Problem details.
Using the entries that follow, collect the lines where the word "Autodesk" appears.

┄┄┄┄┄┄┄┄┄┄┄┄┄┄┄┄┄┄┄┄

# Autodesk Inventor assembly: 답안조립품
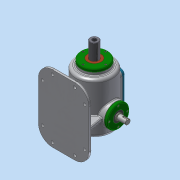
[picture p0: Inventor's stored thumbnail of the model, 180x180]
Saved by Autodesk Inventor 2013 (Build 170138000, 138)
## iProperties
Created: 2019-10
Part Number: 답안조립품
Document SubType Name: Assembly
Designer: Administrator
Mass: 5070.84 g
Surface Area: 4928.07 cm^2
Volume: 2176.15 cm^3
Density: 2.33019 g/cm^3
Author: Administrator
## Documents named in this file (17)
- C:\Users\Administrator\Desktop\391004V1040\답안조립품.iam
- C:\Users\Administrator\Desktop\391004V1040\본체.ipt
- C:\Users\Administrator\Desktop\391004V1040\가변스프링.ipt
- C:\Users\Administrator\Desktop\391004V1040\개스킷 A.ipt
- C:\Users\Administrator\Desktop\391004V1040\개스킷 B.ipt
- C:\Users\Administrator\Desktop\391004V1040\고정플레이트.ipt
- C:\Users\Administrator\Desktop\391004V1040\베어링 6205.ipt
- 베어링 6205.ipt
- C:\Users\Administrator\Desktop\391004V1040\볼트 M4x0.7.ipt
- C:\Users\Administrator\Desktop\391004V1040\부시.ipt
- C:\Users\Administrator\Desktop\391004V1040\상부커버.ipt
- C:\Users\Administrator\Desktop\391004V1040\슬라이드 커버.ipt
- C:\Users\Administrator\Desktop\391004V1040\슬라이드.ipt
- C:\Users\Administrator\Desktop\391004V1040\오일 실 25 38 8.ipt
- C:\Users\Administrator\Desktop\391004V1040\육각머리볼트 M4.ipt
- C:\Users\Administrator\Desktop\391004V1040\축 커버.ipt
- C:\Users\Administrator\Desktop\391004V1040\편심축.ipt
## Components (17 placed, 5 different names)
1. 개스킷 A:1
2. 개스킷 B:1
3. 고정플레이트:1 — 플러쉬:39
4. 개스킷 B:2
5. 가변스프링:1
6. M4x0.7:2
7. M4x0.7:1
8. M4x0.7:3
9. M4x0.7:4
10. M4x0.7:5
11. M4x0.7:6
12. M4x0.7:7
13. M4x0.7:8
14. M4x0.7:9
15. M4x0.7:10
16. M4x0.7:11
17. M4x0.7:12
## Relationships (1: Flush 1)
- 플러쉬:39 [Flush]: 고정플레이트:1

┄┄┄┄┄┄┄┄┄┄┄┄┄┄┄┄┄┄┄┄

Answer box.
# Autodesk Inventor assembly: 답안조립품
Saved by Autodesk Inventor 2013 (Build 170138000, 138)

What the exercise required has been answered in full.